Тотчас лязгнул засов, в сенях фонарь засветился.

— А мы спим, невдомек, что служивые на пороге, — залебезил спустившийся к нам старик ваган, рубаха сатиновая распояской. — Крышу с собой не носят, так-то! Путника приютить бог велел, так-то!
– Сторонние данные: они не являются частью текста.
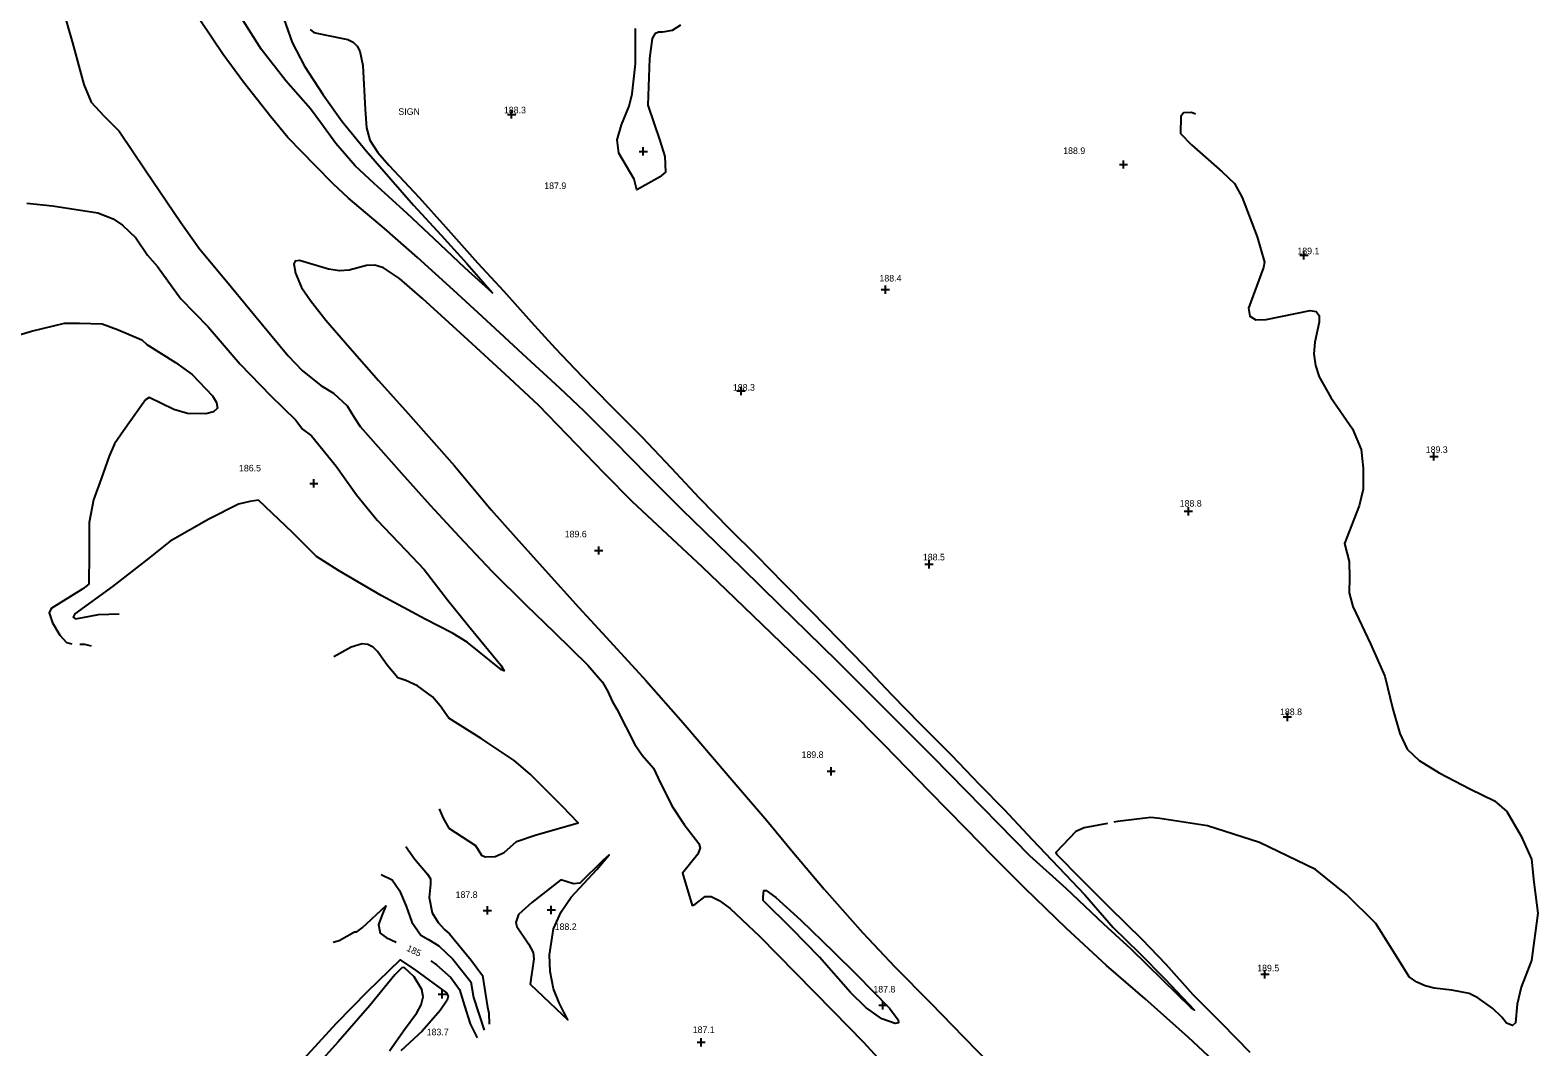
# Model space of a CAD drawing. Extents: x 1467615 to 2003689, y 770235 to 1108726.
# Drawn here: x 1992388.4 to 1992847, y 779287.2 to 779596.3 of the extents above; entities that cross this region are included whole.
import ezdxf

# ---------------------------------------------------------------- set-up
doc = ezdxf.new("R2010")
doc.units = 0
for name, color, linetype in [('RD_DTM_Major1', 7, 'Continuous'), ('RD_DTM_Major1_Lbl', 7, 'Continuous'), ('RD_DTM_Minor1', 7, 'Continuous'), ('RD_DTM_Spot_Elev', 7, 'Continuous'), ('RD_TX_Misc1', 7, 'Continuous')]:
    doc.layers.add(name, color=color, linetype=linetype)

msp = doc.modelspace()

# ---------------------------------------------------------------- linework, layer by layer
at = {"layer": 'RD_DTM_Major1'}
for points in [[(1992480.58, 779319.07), (1992482.42, 779319.56), (1992487.05, 779322.18), (1992487.72, 779322.15), (1992489.4, 779323.42), (1992496.59, 779330.15), (1992495.51, 779327.35), (1992494.38, 779324.42), (1992494.84, 779321.83), (1992496.64, 779320.52), (1992499.68, 779319.07)], [(1992510.25, 779313.36), (1992512.04, 779312.16), (1992516.33, 779308.33), (1992519.04, 779304.69), (1992520.5, 779299.72), (1992522.26, 779294.27), (1992524.38, 779289.97)]]:
    msp.add_lwpolyline(points, dxfattribs=at)
at = {"layer": 'RD_DTM_Minor1'}
for points in [[(1992397.98, 779603.75), (1992401.25, 779592.5), (1992404.72, 779579.82), (1992406.98, 779574.5), (1992410.81, 779570.32), (1992415.5, 779565.64), (1992423.59, 779553.57), (1992434.18, 779537.86), (1992439.93, 779529.87), (1992448.13, 779520), (1992456.66, 779509.71), (1992466.91, 779497.35), (1992471.17, 779492.87), (1992476.81, 779488.33), (1992480.7, 779486.02), (1992484.78, 779482.09), (1992487.02, 779478.47), (1992488.77, 779475.85), (1992494.27, 779469.65), (1992501.33, 779461.64), (1992510.06, 779451.97), (1992518.91, 779442.4), (1992528.86, 779431.83), (1992539.12, 779421.62), (1992547.74, 779413.31), (1992558.03, 779403.23), (1992562.51, 779398.07), (1992564.06, 779395.27), (1992565.43, 779392.38), (1992566.86, 779389.91), (1992572.37, 779379.15), (1992574.55, 779375.91), (1992577.97, 779371.95), (1992579.44, 779368.88), (1992583.55, 779360.49), (1992587.35, 779354.79), (1992591.82, 779349.03), (1992592.18, 779347.75), (1992591.46, 779345.84), (1992586.83, 779340.08), (1992589.79, 779330.2), (1992590.55, 779330.55), (1992593.75, 779332.99), (1992595.5, 779332.91), (1992597.99, 779331.77), (1992601.33, 779329.26), (1992610.23, 779320.84), (1992621.22, 779309.71), (1992632.57, 779298.2), (1992641.91, 779288.67), (1992649.62, 779280.19)], [(1992464.22, 779603.56), (1992468.11, 779592.6), (1992471.87, 779585.45), (1992477.47, 779576.7), (1992483.28, 779568.57), (1992490.58, 779559.69), (1992498.09, 779551.05), (1992505.04, 779543.12), (1992513.41, 779534.03), (1992521.22, 779525.44), (1992529.02, 779516.44), (1992520.62, 779524.12), (1992511.32, 779532.87), (1992503.09, 779540.6), (1992493.08, 779549.71), (1992487.3, 779555.11), (1992481.33, 779561.92), (1992476.78, 779568.13), (1992473.65, 779572.42), (1992466.21, 779580.9), (1992458.65, 779590.6), (1992452.61, 779600.22)], [(1992473.56, 779596.5), (1992474.72, 779595.64), (1992477.99, 779594.89), (1992484.98, 779593.51), (1992486.67, 779592.67), (1992487.89, 779591.51), (1992488.72, 779589.98), (1992489.57, 779585.59), (1992490.31, 779572.27), (1992490.68, 779566.61), (1992491.76, 779562.9), (1992494.14, 779559.17), (1992497.53, 779555.34), (1992506.7, 779545.51), (1992514.77, 779536.57), (1992524.46, 779525.65), (1992532.48, 779516.95), (1992540.8, 779507.71), (1992548.1, 779499.62), (1992556.16, 779491.1), (1992565.07, 779482.11), (1992574.46, 779472.72), (1992583.38, 779463.25), (1992591.91, 779454.17), (1992601.12, 779444.7), (1992609.22, 779436.71), (1992617.59, 779428.19), (1992625.96, 779419.69), (1992634.4, 779411.13), (1992642.06, 779403.18), (1992650.36, 779394.35), (1992659.17, 779385.34), (1992668.62, 779375.91), (1992677.16, 779367.01), (1992684.66, 779359.35), (1992693.19, 779350.27), (1992701.2, 779341.82), (1992709.19, 779333.47), (1992717.87, 779323.49), (1992725.69, 779315.77), (1992733.53, 779307.88), (1992742.6, 779298.34), (1992741.56, 779299.11), (1992732.98, 779307.5), (1992723.25, 779316.9), (1992714.97, 779324.54), (1992703.51, 779335.38), (1992692.46, 779345.32), (1992683.03, 779354.91), (1992673.15, 779365.03), (1992662.88, 779375.53), (1992656.21, 779382.23), (1992645.02, 779393.37), (1992633.94, 779404.37), (1992624.74, 779413.41), (1992616.44, 779421.55), (1992605.12, 779432.64), (1992593.37, 779444.06), (1992586.74, 779450.55), (1992576.41, 779460.88), (1992566.11, 779471.27), (1992556.96, 779480.46), (1992549.53, 779487.47), (1992539.6, 779496.66), (1992527.19, 779508.06), (1992517.17, 779517.29), (1992506.25, 779527.27), (1992496.18, 779536), (1992485.23, 779545.22), (1992480.58, 779549.62), (1992475.23, 779555.12), (1992466.78, 779563.68), (1992461.65, 779570), (1992453.27, 779580.58), (1992447.06, 779588.96), (1992440.24, 779599.19)], [(1992586.26, 779597.87), (1992583.64, 779596.24), (1992580.78, 779595.77), (1992579.5, 779595.71), (1992578.41, 779595.2), (1992577.58, 779593.77), (1992576.75, 779587.76), (1992576.29, 779573.53), (1992579.9, 779562.82), (1992581.42, 779557.94), (1992581.61, 779553.14), (1992579.8, 779551.66), (1992572.9, 779547.83), (1992572.12, 779551), (1992567.42, 779558.91), (1992566.98, 779563), (1992568.25, 779567.57), (1992570.55, 779573.27), (1992571.55, 779576.98), (1992572.53, 779586.12), (1992572.51, 779596.86)], [(1992742.89, 779570.8), (1992741.66, 779571.36), (1992739.17, 779571.17), (1992738.36, 779570.12), (1992738.31, 779564.88), (1992741.63, 779561.53), (1992750.94, 779553.32), (1992754.77, 779549.7), (1992757.02, 779545.51), (1992761.6, 779533.54), (1992763.83, 779525.84), (1992763.52, 779524.16), (1992759.01, 779511.84), (1992759.35, 779509.37), (1992761.26, 779508.31), (1992764.36, 779508.39), (1992777.75, 779511.1), (1992779.58, 779510.76), (1992780.5, 779509.63), (1992780.46, 779507.57), (1992779.16, 779501.5), (1992778.86, 779497.97), (1992779.32, 779494.43), (1992780.47, 779490.97), (1992784, 779484.67), (1992790.58, 779475.18), (1992793.27, 779468.82), (1992793.9, 779463.13), (1992793.9, 779456.81), (1992792.64, 779451.75), (1992788.23, 779440.25), (1992789.57, 779434.81), (1992789.71, 779429.79), (1992789.66, 779425.3), (1992790.75, 779421.08), (1992796.14, 779409.76), (1992800.44, 779399.96), (1992802.88, 779389.9), (1992805, 779382.51), (1992807.28, 779377.74), (1992810.95, 779374.34), (1992816.97, 779370.54), (1992826.47, 779365.59), (1992833.86, 779362.03), (1992837.52, 779358.82), (1992841.95, 779351.24), (1992845.11, 779344.28), (1992845.74, 779337.33), (1992847, 779327.85), (1992845.07, 779313.46), (1992841.91, 779305.37), (1992840.75, 779300.17), (1992840.22, 779294.53), (1992839.32, 779293.74), (1992837.49, 779294.47), (1992836.01, 779296.27), (1992833.31, 779298.87), (1992828.75, 779302.18), (1992826.14, 779303.43), (1992820.85, 779304.48), (1992815.47, 779305.04), (1992812.77, 779305.73), (1992810.2, 779306.87), (1992807.9, 779308.52), (1992804.69, 779313.57), (1992797.69, 779324.69), (1992788.84, 779333.54), (1992779.36, 779341.12), (1992762.29, 779349.34), (1992746.49, 779354.4), (1992732.04, 779356.68), (1992729.24, 779356.91), (1992719.17, 779355.71), (1992718.03, 779355.5)], [(1992387.36, 779543.77), (1992395.21, 779542.91), (1992408.97, 779540.79), (1992413.62, 779538.94), (1992416.48, 779537.01), (1992420.53, 779533.18), (1992424.09, 779527.91), (1992427.17, 779524.46), (1992434.2, 779514.69), (1992442.56, 779506.15), (1992452.32, 779494.83), (1992461.54, 779485.24), (1992469.16, 779477.72), (1992471.19, 779475.04), (1992473.96, 779472.99), (1992481.46, 779463.77), (1992487.71, 779455.03), (1992493.9, 779447.4), (1992502.66, 779438.25), (1992508.27, 779432.35), (1992515.38, 779423.15), (1992521.74, 779415.27), (1992531.54, 779403.23), (1992532.61, 779401.51), (1992531.72, 779401.81), (1992521.32, 779410.25), (1992516.89, 779413.02), (1992508.54, 779417.22), (1992495.17, 779424.45), (1992482.15, 779432.01), (1992475.45, 779436.34), (1992468.15, 779443.65), (1992457.8, 779453.41), (1992455.21, 779453.06), (1992451.72, 779452.24), (1992442.76, 779447.71), (1992431, 779441), (1992424.37, 779435.71), (1992413.4, 779427.15), (1992401.99, 779418.93), (1992401.46, 779417.92), (1992402.16, 779417.37), (1992404.4, 779417.75), (1992409.21, 779418.7), (1992415.51, 779418.91)], [(1992754.29, 779277.37), (1992740.71, 779290.09), (1992727.58, 779301.83), (1992715.81, 779312), (1992703.49, 779323.28), (1992691.06, 779335.4), (1992681.24, 779345.23), (1992673.08, 779353.54), (1992661.99, 779364.88), (1992648.16, 779379.01), (1992636.48, 779390.86), (1992628.01, 779399.29), (1992619.77, 779407.27), (1992611.07, 779415.62), (1992600.19, 779426.1), (1992592.9, 779433.05), (1992583.66, 779441.68), (1992571.63, 779452.96), (1992562.96, 779461.69), (1992554.59, 779470.41), (1992542.98, 779482.3), (1992532.86, 779491.79), (1992521.62, 779502.06), (1992507.75, 779514.75), (1992500.77, 779520.86), (1992495.83, 779524.05), (1992493.21, 779524.85), (1992490.68, 779524.76), (1992485.47, 779523.41), (1992482.48, 779523.15), (1992479.13, 779523.67), (1992470.32, 779526.31), (1992469.01, 779526.15), (1992468.56, 779525.33), (1992469.09, 779522.45), (1992470.95, 779518.13), (1992473.62, 779514.19), (1992478.38, 779508.18), (1992485.6, 779499.75), (1992494.34, 779489.86), (1992503.34, 779479.78), (1992517.42, 779463.84), (1992528.67, 779450.54), (1992536.08, 779442.14), (1992545.08, 779432.18), (1992555.32, 779420.85), (1992564.7, 779410.56), (1992575.82, 779398.51), (1992586.99, 779385.75), (1992600.75, 779369.68), (1992612.46, 779356.01), (1992620.04, 779346.78), (1992629.91, 779335.2), (1992641.68, 779321.86), (1992651.41, 779311.54), (1992662.31, 779300.59), (1992672.42, 779290.21), (1992680.69, 779281.63)], [(1992378.89, 779501.92), (1992388.82, 779504.87), (1992398.83, 779507.24), (1992403.43, 779507.24), (1992410.26, 779507.04), (1992414.99, 779505.35), (1992422.37, 779502.16), (1992423.93, 779500.77), (1992432.62, 779495.28), (1992437.68, 779491.7), (1992443.82, 779485.21), (1992445.12, 779483.15), (1992445.35, 779481.43), (1992444.14, 779480.29), (1992441.86, 779479.69), (1992436.27, 779479.79), (1992432.07, 779481.01), (1992424.58, 779484.63), (1992423.51, 779483.95), (1992416.75, 779474.54), (1992414.02, 779470.58), (1992412.43, 779466.87), (1992409.95, 779459.9), (1992407.63, 779453.59), (1992406.31, 779446.65), (1992406.3, 779437.18), (1992406.19, 779427.89), (1992404.41, 779426.53), (1992394.75, 779420.52), (1992394.22, 779419.14), (1992395.15, 779416.18), (1992397.41, 779412.42), (1992399.47, 779410.12), (1992401.04, 779409.73)], [(1992403.52, 779409.68), (1992404.9, 779409.66), (1992406.94, 779409.19)], [(1992512.83, 779359.61), (1992513.98, 779356.79), (1992515.75, 779353.76), (1992523.88, 779348.42), (1992525.73, 779345.47), (1992526.8, 779344.97), (1992529.83, 779345.14), (1992532.56, 779346.33), (1992536.29, 779349.69), (1992542.04, 779351.57), (1992555.07, 779355.3), (1992550.28, 779360.26), (1992540.44, 779370.11), (1992535.65, 779374.27), (1992525.59, 779381), (1992515.79, 779387.18), (1992513.07, 779390.88), (1992510.73, 779393.61), (1992506.2, 779397.03), (1992502.67, 779398.59), (1992500.25, 779399.47), (1992497.03, 779403.26), (1992494.09, 779407.46), (1992492.72, 779408.75), (1992491.14, 779409.59), (1992489.4, 779409.75), (1992486.02, 779408.76), (1992480.74, 779405.83)], [(1992716.09, 779355.15), (1992708.96, 779353.84), (1992706.48, 779352.72), (1992700.41, 779346.28), (1992700.59, 779345.8), (1992708.24, 779338.13), (1992716.72, 779329.63), (1992726.56, 779319.97), (1992733.89, 779312.38), (1992742.1, 779303.18), (1992750.79, 779294.41), (1992759.35, 779285.66)], [(1992502.71, 779348.15), (1992505.31, 779344.44), (1992509.24, 779339.74), (1992510.17, 779338.34), (1992510.2, 779336.7), (1992509.72, 779332.64), (1992510.69, 779327.96), (1992512.47, 779325.04), (1992514.41, 779322.95), (1992515.9, 779321.58), (1992522.58, 779313.62), (1992525.97, 779308.89), (1992527.51, 779299.33), (1992527.88, 779297.44), (1992528.03, 779294.12)], [(1992549.31, 779300.62), (1992547.55, 779304.88), (1992546.54, 779310.12), (1992546.4, 779315.25), (1992547.59, 779323.06), (1992549.92, 779328.26), (1992552.98, 779332.72), (1992560.79, 779341.1), (1992564.55, 779345.64), (1992562.59, 779343.9), (1992555.58, 779337.04), (1992553.64, 779336.78), (1992549.85, 779338.03), (1992540.98, 779331.12), (1992536.89, 779327.49), (1992536.08, 779325.02), (1992536.4, 779323.86), (1992540, 779318.55), (1992541.41, 779315.93), (1992541.6, 779313.96), (1992540.49, 779306.31), (1992548.43, 779298.82), (1992551.94, 779295.4), (1992550.82, 779297.55), (1992549.31, 779300.62)], [(1992495.19, 779339.62), (1992498.55, 779338.05), (1992500.76, 779334.72), (1992502.8, 779329.98), (1992504.48, 779325.1), (1992507.18, 779321.19), (1992509.57, 779319.84), (1992512.67, 779317.93), (1992516.96, 779313.89), (1992522.43, 779307.03), (1992523.27, 779302.22), (1992526.46, 779292.34)], [(1992611.38, 779332.85), (1992611.58, 779334.77), (1992612.24, 779334.73), (1992615.22, 779332.66), (1992622.83, 779325.77), (1992632.69, 779316.21), (1992639.73, 779309.25), (1992649.77, 779299.01), (1992652.44, 779295.43), (1992652.49, 779294.51), (1992651.5, 779294.29), (1992647.42, 779295.75), (1992642.57, 779299.14), (1992637.97, 779303.8), (1992628.5, 779314.48), (1992620.12, 779323.07), (1992611.32, 779331.72), (1992611.38, 779332.85)], [(1992470.61, 779282.45), (1992481.62, 779294.4), (1992490.98, 779304.09), (1992500.94, 779313.72), (1992505.61, 779310.5), (1992515.02, 779303.68), (1992515.59, 779302.65), (1992515.27, 779301.4), (1992513.13, 779298.27), (1992507.67, 779292), (1992501.14, 779285.98)], [(1992497.71, 779285.99), (1992502.3, 779292.54), (1992506, 779297.53), (1992507.33, 779300), (1992507.93, 779302.41), (1992507.57, 779304.69), (1992505.18, 779308.56), (1992502.15, 779311.37), (1992501.42, 779311.25), (1992499.31, 779309.17), (1992491.75, 779299.8), (1992482.08, 779288.73), (1992471.96, 779277.5)]]:
    msp.add_lwpolyline(points, dxfattribs=at)
at = {"layer": 'RD_DTM_Spot_Elev'}
for p, q in [((1992534.83, 779569.5), (1992534.83, 779572)), ((1992533.58, 779570.75), (1992536.08, 779570.75)), ((1992573.63, 779559.49), (1992576.13, 779559.49)), ((1992574.88, 779558.24), (1992574.88, 779560.74)), ((1992719.73, 779555.5), (1992722.23, 779555.5)), ((1992720.98, 779554.25), (1992720.98, 779556.75)), ((1992774.6, 779527.89), (1992777.1, 779527.89)), ((1992775.85, 779526.64), (1992775.85, 779529.14)), ((1992647.29, 779517.45), (1992649.79, 779517.45)), ((1992648.54, 779516.2), (1992648.54, 779518.7)), ((1992603.39, 779486.65), (1992605.89, 779486.65)), ((1992604.64, 779485.4), (1992604.64, 779487.9)), ((1992814.15, 779466.77), (1992816.65, 779466.77)), ((1992815.4, 779465.52), (1992815.4, 779468.02)), ((1992473.43, 779458.54), (1992475.93, 779458.54)), ((1992474.68, 779457.29), (1992474.68, 779459.79)), ((1992739.46, 779450.05), (1992741.96, 779450.05)), ((1992740.71, 779448.8), (1992740.71, 779451.3)), ((1992561.34, 779436.9), (1992561.34, 779439.4)), ((1992560.09, 779438.15), (1992562.59, 779438.15)), ((1992660.58, 779433.96), (1992663.08, 779433.96)), ((1992661.83, 779432.71), (1992661.83, 779435.21)), ((1992770.81, 779386.27), (1992770.81, 779388.77)), ((1992769.56, 779387.52), (1992772.06, 779387.52)), ((1992630.8, 779371), (1992633.3, 779371)), ((1992632.05, 779369.75), (1992632.05, 779372.25)), ((1992526.21, 779328.72), (1992528.71, 779328.72)), ((1992527.46, 779327.47), (1992527.46, 779329.97)), ((1992545.66, 779328.85), (1992548.16, 779328.85)), ((1992546.91, 779327.6), (1992546.91, 779330.1)), ((1992763.99, 779308.04), (1992763.99, 779310.54)), ((1992762.74, 779309.29), (1992765.24, 779309.29)), ((1992512.51, 779303.2), (1992515.01, 779303.2)), ((1992513.76, 779301.95), (1992513.76, 779304.45)), ((1992647.79, 779298.61), (1992647.79, 779301.11)), ((1992646.54, 779299.86), (1992649.04, 779299.86)), ((1992591.24, 779288.6), (1992593.74, 779288.6)), ((1992592.49, 779287.35), (1992592.49, 779289.85))]:
    msp.add_line(p, q, dxfattribs=at)

# ---------------------------------------------------------------- texts
at = {"layer": 'RD_DTM_Major1_Lbl'}
msp.add_text('185', height=2, rotation=334.496, dxfattribs=at).set_placement((1992502.71, 779316.51))
at = {"layer": 'RD_DTM_Spot_Elev'}
for s, p in [('187.8', (1992517.8, 779332.5)), ('188.2', (1992547.93, 779322.76)), ('187.8', (1992644.88, 779303.75)), ('183.7', (1992509.01, 779290.73)), ('187.1', (1992589.93, 779291.43))]:
    msp.add_text(s, height=2, dxfattribs=at).set_placement(p)
at = {"layer": 'RD_TX_Misc1'}
for s, p in [('SIGN', (1992500.4, 779570.6)), ('188.3', (1992532.5, 779571.06)), ('188.9', (1992702.62, 779558.69)), ('187.9', (1992544.77, 779548.04)), ('189.1', (1992773.86, 779528.21)), ('188.4', (1992646.74, 779519.93)), ('188.3', (1992602.15, 779486.72)), ('189.3', (1992812.89, 779467.81)), ('186.5', (1992451.91, 779462.18)), ('188.8', (1992738.06, 779451.47)), ('189.6', (1992550.99, 779442.12)), ('188.5', (1992659.94, 779435.13)), ('188.8', (1992768.58, 779388.09)), ('189.8', (1992623.03, 779375.07)), ('189.5', (1992761.64, 779310.17))]:
    msp.add_text(s, height=2, dxfattribs=at).set_placement(p)

doc.saveas('drawing.dxf')

Полы в хоромах крашеные, печь за заборкой крашеная — богаты наганы. Пока мы разувались, развешивали у печки портянки, сырые шинели, живо был накрыт стол. Пригожая девка, дочь вагана, бухнула на поднос кипящий самовар и, мелькая икрами, проворно натаскала из подполья мисок с солеными рыжиками, капустой, караваев хлеба.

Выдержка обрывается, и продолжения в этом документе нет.